● Task directions
Go through the entries below. Copy each line in which "Manufacturer" appears.

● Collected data
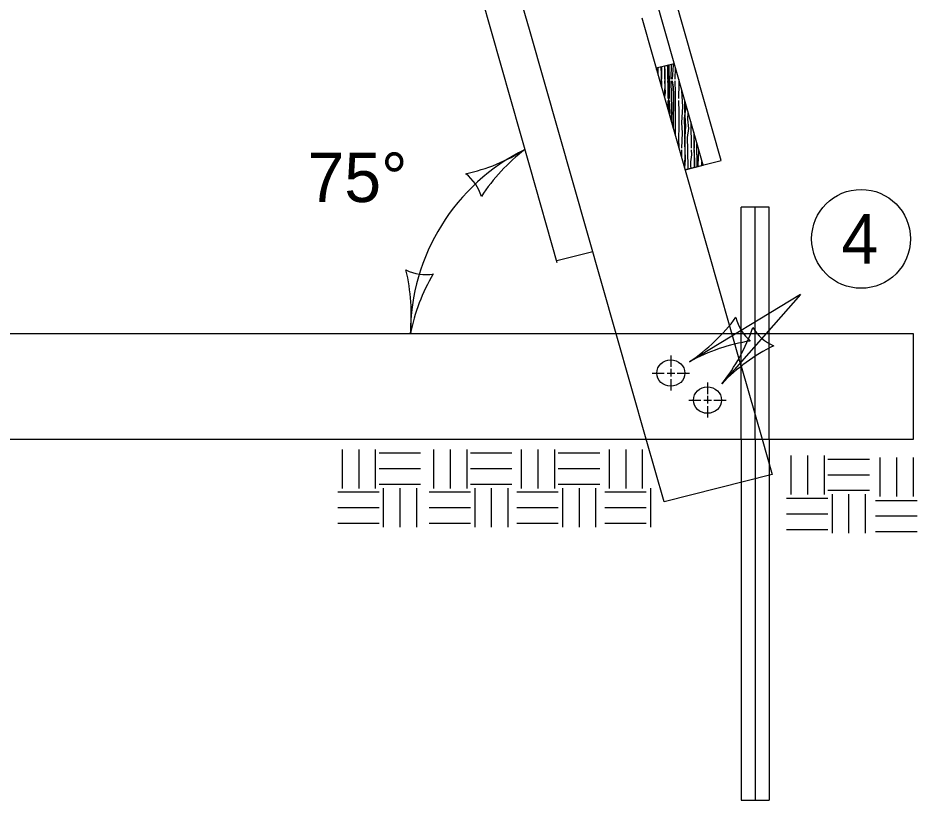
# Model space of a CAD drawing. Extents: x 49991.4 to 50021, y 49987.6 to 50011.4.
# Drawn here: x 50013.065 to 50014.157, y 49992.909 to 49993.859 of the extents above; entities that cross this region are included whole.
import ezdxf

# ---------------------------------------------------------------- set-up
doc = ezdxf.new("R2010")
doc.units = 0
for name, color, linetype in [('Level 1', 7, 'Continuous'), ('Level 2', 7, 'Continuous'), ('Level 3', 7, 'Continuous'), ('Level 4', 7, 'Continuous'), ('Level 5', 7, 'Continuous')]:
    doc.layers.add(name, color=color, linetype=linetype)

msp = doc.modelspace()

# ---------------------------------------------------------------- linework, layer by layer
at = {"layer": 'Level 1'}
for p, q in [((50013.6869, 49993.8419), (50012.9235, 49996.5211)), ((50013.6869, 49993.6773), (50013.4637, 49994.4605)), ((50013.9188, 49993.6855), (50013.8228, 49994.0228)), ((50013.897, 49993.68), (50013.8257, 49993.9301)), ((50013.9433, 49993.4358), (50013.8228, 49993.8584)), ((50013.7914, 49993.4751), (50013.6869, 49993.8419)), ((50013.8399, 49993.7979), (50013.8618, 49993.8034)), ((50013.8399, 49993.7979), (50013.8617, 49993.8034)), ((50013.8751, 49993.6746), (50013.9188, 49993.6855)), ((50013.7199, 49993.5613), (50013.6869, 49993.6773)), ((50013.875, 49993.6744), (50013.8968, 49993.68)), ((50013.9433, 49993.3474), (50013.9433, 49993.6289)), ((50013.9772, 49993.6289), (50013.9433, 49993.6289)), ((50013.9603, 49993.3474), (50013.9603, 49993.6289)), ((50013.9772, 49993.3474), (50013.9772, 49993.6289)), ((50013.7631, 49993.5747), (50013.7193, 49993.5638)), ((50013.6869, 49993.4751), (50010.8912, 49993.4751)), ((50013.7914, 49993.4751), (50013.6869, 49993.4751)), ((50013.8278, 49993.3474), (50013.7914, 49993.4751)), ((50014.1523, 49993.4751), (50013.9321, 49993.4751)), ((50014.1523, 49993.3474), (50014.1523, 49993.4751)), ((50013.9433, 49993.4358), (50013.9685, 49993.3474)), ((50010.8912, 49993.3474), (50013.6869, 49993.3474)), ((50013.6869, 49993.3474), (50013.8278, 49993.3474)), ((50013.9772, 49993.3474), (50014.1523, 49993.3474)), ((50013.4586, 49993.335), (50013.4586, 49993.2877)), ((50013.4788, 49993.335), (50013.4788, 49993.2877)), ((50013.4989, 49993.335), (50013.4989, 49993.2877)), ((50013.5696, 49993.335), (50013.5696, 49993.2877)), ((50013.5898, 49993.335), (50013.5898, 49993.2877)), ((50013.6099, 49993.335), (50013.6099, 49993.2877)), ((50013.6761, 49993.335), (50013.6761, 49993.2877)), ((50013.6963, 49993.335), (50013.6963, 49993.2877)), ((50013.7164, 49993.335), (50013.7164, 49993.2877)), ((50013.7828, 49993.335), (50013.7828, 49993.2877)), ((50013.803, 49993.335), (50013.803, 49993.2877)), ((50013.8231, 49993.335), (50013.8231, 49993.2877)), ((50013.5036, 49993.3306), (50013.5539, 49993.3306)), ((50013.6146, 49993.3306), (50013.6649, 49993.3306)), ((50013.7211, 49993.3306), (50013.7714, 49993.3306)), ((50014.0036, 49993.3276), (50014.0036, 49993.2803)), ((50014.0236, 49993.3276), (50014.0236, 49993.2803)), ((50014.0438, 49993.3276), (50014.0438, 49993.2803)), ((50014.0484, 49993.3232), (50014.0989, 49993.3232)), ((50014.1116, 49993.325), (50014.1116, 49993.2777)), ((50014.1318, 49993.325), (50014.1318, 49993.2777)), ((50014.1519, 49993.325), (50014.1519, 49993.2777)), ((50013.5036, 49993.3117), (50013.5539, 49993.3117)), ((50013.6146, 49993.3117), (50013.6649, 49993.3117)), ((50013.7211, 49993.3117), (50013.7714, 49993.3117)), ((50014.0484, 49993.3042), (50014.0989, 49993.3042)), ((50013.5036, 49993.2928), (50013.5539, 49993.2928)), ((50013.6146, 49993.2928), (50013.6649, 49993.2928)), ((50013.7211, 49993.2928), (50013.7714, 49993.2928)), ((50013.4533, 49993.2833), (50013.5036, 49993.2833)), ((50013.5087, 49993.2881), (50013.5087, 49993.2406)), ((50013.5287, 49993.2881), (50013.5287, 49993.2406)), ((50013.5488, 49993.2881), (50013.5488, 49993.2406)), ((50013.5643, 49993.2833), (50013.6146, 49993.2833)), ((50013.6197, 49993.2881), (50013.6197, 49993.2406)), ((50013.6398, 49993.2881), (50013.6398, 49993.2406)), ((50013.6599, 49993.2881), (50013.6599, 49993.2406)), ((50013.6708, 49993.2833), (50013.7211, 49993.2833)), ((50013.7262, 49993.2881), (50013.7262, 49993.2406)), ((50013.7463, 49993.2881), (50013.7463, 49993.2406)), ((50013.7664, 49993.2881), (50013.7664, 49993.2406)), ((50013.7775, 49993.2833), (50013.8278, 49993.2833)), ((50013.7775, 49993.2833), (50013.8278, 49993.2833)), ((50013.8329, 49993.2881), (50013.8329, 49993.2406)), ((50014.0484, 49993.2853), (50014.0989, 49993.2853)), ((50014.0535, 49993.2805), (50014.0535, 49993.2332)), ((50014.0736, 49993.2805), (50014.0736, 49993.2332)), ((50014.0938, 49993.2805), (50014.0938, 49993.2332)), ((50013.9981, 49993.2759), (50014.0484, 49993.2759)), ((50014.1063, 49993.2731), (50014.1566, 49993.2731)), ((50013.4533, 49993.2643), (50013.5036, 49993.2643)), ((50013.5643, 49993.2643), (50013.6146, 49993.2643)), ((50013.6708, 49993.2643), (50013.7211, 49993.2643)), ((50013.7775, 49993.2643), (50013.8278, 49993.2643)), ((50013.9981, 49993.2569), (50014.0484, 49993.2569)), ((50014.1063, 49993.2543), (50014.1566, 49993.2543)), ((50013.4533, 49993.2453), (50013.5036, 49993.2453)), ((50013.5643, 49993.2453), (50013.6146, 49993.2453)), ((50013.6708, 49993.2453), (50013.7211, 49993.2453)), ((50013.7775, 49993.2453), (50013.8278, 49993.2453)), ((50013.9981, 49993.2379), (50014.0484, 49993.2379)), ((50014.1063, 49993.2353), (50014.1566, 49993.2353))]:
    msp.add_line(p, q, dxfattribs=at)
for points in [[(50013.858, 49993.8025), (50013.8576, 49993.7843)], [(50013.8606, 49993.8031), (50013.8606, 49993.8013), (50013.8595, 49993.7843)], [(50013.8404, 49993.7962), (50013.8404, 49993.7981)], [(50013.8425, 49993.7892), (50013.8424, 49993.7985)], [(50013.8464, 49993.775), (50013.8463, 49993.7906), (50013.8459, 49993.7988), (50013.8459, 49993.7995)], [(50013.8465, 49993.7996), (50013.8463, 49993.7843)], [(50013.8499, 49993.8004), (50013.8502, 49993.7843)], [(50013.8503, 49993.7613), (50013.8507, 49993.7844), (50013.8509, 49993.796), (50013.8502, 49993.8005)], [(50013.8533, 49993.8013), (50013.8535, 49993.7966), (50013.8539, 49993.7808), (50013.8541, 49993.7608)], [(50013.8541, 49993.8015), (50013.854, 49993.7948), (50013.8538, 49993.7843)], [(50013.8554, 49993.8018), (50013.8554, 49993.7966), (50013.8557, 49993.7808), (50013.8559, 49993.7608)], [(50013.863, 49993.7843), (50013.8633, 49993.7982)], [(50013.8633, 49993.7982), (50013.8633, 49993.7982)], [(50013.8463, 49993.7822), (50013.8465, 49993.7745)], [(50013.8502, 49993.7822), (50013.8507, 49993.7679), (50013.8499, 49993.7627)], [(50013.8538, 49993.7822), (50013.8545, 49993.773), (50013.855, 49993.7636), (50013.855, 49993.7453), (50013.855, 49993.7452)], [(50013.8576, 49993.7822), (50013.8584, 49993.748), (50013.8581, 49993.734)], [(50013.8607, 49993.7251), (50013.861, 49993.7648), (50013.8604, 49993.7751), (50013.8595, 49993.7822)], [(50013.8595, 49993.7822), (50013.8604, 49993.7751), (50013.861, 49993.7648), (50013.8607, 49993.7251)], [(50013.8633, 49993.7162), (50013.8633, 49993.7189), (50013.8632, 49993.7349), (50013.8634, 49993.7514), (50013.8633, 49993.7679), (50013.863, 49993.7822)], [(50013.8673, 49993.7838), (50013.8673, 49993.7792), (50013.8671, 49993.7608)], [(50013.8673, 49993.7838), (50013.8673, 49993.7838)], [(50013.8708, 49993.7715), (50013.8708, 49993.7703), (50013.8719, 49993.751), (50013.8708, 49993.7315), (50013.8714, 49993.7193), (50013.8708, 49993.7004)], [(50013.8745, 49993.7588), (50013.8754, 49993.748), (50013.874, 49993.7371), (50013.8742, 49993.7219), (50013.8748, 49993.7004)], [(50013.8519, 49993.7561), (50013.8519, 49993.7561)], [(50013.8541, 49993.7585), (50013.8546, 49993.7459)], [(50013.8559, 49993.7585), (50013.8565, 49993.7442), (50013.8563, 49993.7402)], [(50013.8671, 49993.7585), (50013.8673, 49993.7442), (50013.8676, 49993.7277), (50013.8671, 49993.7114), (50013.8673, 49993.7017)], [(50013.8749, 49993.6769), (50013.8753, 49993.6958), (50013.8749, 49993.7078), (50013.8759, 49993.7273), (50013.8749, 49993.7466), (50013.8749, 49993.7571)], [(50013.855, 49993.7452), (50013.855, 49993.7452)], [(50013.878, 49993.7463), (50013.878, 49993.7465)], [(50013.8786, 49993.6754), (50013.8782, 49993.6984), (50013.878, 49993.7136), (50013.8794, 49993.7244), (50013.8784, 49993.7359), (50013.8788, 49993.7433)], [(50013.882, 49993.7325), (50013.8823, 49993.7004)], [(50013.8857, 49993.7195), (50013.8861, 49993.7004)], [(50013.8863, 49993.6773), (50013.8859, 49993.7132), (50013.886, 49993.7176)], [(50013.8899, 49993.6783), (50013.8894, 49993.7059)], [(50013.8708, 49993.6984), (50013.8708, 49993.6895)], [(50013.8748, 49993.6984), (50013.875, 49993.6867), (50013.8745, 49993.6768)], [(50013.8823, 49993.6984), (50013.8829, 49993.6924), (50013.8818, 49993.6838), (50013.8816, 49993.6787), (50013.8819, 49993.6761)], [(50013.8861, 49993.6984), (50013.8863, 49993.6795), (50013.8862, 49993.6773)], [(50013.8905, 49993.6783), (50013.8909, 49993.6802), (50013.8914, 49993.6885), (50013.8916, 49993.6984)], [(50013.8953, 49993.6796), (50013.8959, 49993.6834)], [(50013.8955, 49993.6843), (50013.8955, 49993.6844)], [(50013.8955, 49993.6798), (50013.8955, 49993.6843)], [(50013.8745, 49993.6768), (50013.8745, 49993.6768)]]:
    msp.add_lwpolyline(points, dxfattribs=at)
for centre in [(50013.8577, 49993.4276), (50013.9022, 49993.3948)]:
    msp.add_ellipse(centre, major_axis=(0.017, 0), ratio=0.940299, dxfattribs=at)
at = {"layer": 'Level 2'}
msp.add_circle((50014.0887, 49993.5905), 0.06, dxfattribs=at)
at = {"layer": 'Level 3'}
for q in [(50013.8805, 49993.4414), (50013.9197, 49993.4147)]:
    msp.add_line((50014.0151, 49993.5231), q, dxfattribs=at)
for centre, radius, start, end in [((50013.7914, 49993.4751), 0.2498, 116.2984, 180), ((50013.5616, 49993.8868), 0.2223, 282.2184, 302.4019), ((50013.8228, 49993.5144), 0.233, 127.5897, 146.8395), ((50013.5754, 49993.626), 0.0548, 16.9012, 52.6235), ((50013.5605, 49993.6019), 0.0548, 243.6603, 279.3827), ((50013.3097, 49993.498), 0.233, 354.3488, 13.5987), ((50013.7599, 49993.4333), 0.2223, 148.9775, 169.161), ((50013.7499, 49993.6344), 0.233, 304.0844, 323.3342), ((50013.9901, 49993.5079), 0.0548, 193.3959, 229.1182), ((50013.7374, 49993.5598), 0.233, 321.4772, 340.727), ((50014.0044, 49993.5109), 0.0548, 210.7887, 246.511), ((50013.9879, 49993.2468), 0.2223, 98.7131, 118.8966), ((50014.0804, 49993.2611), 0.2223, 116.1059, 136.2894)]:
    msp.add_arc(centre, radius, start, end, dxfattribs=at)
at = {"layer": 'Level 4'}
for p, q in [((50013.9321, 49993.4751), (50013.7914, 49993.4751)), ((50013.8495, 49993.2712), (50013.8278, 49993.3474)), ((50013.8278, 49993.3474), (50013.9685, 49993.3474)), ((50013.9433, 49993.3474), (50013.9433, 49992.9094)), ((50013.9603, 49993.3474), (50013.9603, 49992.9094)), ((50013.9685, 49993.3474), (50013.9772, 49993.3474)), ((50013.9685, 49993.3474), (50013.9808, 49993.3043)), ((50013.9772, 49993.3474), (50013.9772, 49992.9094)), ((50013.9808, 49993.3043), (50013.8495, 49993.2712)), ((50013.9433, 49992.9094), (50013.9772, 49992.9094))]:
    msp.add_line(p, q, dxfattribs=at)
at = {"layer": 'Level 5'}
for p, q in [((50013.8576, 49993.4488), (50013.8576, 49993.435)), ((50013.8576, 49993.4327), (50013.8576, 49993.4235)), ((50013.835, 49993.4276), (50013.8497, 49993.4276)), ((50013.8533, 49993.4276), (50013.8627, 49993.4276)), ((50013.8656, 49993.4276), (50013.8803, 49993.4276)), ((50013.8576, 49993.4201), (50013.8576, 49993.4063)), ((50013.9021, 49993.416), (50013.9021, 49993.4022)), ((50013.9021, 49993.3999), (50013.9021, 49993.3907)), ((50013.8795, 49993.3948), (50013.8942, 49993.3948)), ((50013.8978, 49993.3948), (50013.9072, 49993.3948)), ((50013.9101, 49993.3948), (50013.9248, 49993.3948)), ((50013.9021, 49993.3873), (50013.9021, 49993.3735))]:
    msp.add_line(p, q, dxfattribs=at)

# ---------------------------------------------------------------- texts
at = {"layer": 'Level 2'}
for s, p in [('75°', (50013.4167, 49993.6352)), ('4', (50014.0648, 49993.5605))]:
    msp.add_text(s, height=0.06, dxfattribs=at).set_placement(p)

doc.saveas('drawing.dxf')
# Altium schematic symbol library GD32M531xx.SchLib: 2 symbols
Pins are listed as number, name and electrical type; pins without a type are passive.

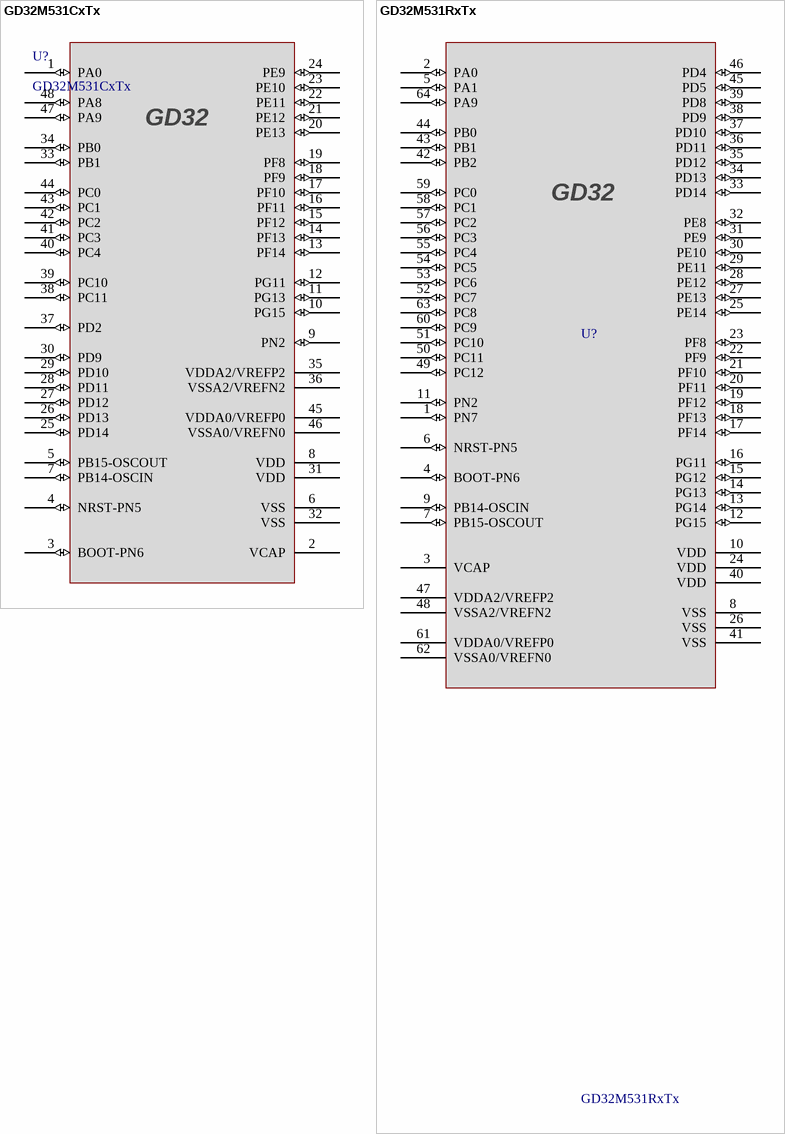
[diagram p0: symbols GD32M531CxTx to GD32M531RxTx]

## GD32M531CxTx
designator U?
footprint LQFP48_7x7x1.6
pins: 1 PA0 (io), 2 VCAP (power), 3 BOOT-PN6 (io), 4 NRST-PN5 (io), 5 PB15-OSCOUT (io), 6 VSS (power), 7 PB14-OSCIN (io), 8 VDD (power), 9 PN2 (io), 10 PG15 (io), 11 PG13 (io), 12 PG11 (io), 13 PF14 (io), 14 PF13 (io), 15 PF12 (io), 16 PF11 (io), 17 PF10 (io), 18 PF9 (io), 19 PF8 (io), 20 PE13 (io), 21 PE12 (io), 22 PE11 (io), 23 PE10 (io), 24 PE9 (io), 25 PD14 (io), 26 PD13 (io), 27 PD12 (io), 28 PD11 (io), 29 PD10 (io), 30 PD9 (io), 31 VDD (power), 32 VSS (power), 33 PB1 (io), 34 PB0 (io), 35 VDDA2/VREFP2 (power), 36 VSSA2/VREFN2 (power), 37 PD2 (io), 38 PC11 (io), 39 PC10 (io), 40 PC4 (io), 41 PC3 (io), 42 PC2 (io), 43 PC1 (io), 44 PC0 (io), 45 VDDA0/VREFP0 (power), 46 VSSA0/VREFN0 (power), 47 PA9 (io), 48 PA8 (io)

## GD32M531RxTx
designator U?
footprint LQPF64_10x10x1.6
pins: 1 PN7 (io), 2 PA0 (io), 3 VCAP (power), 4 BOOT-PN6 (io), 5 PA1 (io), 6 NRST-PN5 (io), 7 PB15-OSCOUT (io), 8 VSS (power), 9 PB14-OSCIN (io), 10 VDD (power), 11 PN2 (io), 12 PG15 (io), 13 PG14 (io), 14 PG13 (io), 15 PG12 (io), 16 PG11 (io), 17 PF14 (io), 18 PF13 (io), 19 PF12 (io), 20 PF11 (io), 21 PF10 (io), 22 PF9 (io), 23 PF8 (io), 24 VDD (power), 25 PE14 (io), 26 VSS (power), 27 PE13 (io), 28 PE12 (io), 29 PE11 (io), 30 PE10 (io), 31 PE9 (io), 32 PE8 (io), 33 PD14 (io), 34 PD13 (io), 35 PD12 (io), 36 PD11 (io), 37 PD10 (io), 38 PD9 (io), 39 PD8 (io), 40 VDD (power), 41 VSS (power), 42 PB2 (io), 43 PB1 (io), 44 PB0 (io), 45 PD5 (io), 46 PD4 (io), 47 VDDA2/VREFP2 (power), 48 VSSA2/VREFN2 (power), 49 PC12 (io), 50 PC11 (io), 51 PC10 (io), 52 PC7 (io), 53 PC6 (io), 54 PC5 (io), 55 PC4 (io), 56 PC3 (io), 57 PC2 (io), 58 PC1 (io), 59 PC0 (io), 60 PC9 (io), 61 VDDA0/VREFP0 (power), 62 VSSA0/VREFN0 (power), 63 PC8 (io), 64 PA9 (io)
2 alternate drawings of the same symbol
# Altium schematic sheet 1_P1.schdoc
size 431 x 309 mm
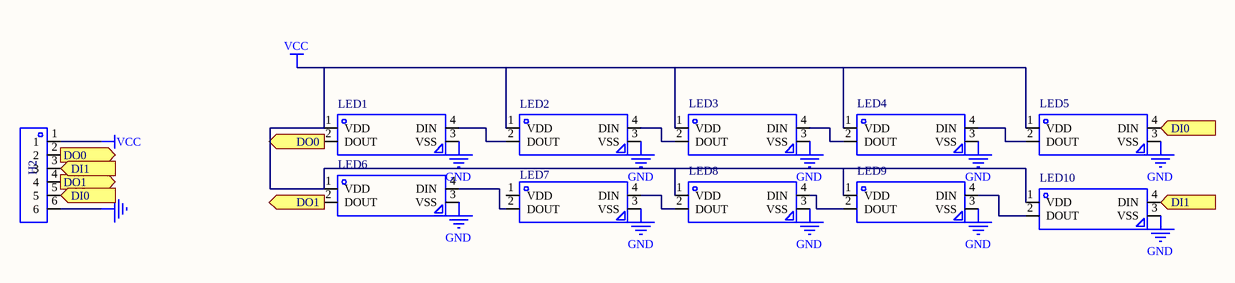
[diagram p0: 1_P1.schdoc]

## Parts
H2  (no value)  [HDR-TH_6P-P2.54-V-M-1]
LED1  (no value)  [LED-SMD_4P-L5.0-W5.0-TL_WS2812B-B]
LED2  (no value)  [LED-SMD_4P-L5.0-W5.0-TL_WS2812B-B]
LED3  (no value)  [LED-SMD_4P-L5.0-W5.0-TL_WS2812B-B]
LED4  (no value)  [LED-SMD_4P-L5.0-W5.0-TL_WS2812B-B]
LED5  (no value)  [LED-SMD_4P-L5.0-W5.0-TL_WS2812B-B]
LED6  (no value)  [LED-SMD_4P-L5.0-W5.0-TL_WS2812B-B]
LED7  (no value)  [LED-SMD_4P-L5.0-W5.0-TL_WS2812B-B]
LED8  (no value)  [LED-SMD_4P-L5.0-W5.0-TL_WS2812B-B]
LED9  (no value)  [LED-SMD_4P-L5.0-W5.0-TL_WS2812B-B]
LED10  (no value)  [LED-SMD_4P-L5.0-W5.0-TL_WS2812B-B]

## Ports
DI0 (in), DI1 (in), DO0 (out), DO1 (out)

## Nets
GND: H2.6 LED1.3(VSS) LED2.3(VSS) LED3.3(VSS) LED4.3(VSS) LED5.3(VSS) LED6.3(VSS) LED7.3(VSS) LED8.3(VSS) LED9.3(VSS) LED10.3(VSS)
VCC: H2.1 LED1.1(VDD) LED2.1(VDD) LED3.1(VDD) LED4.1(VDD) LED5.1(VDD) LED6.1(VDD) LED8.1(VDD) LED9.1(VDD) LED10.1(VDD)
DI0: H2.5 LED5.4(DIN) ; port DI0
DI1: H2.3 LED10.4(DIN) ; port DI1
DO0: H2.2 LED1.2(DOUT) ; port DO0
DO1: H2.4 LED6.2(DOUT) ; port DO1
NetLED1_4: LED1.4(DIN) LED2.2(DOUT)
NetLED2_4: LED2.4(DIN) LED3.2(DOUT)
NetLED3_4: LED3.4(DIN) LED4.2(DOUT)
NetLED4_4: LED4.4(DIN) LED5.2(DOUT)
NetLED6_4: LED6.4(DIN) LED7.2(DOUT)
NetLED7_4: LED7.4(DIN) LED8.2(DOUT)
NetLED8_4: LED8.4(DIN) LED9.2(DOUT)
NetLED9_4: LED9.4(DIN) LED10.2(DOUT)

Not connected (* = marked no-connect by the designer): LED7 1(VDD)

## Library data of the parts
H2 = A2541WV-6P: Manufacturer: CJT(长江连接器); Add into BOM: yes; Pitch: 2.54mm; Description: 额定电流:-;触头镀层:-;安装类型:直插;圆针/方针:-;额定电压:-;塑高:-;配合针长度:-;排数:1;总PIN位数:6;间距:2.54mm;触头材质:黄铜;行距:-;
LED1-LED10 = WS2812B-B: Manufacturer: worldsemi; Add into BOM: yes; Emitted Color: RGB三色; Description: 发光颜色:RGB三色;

● The answer
H2 = A2541WV-6P: Manufacturer: CJT(长江连接器); Add into BOM: yes; Pitch: 2.54mm; Description: 额定电流:-;触头镀层:-;安装类型:直插;圆针/方针:-;额定电压:-;塑高:-;配合针长度:-;排数:1;总PIN位数:6;间距:2.54mm;触头材质:黄铜;行距:-;
LED1-LED10 = WS2812B-B: Manufacturer: worldsemi; Add into BOM: yes; Emitted Color: RGB三色; Description: 发光颜色:RGB三色;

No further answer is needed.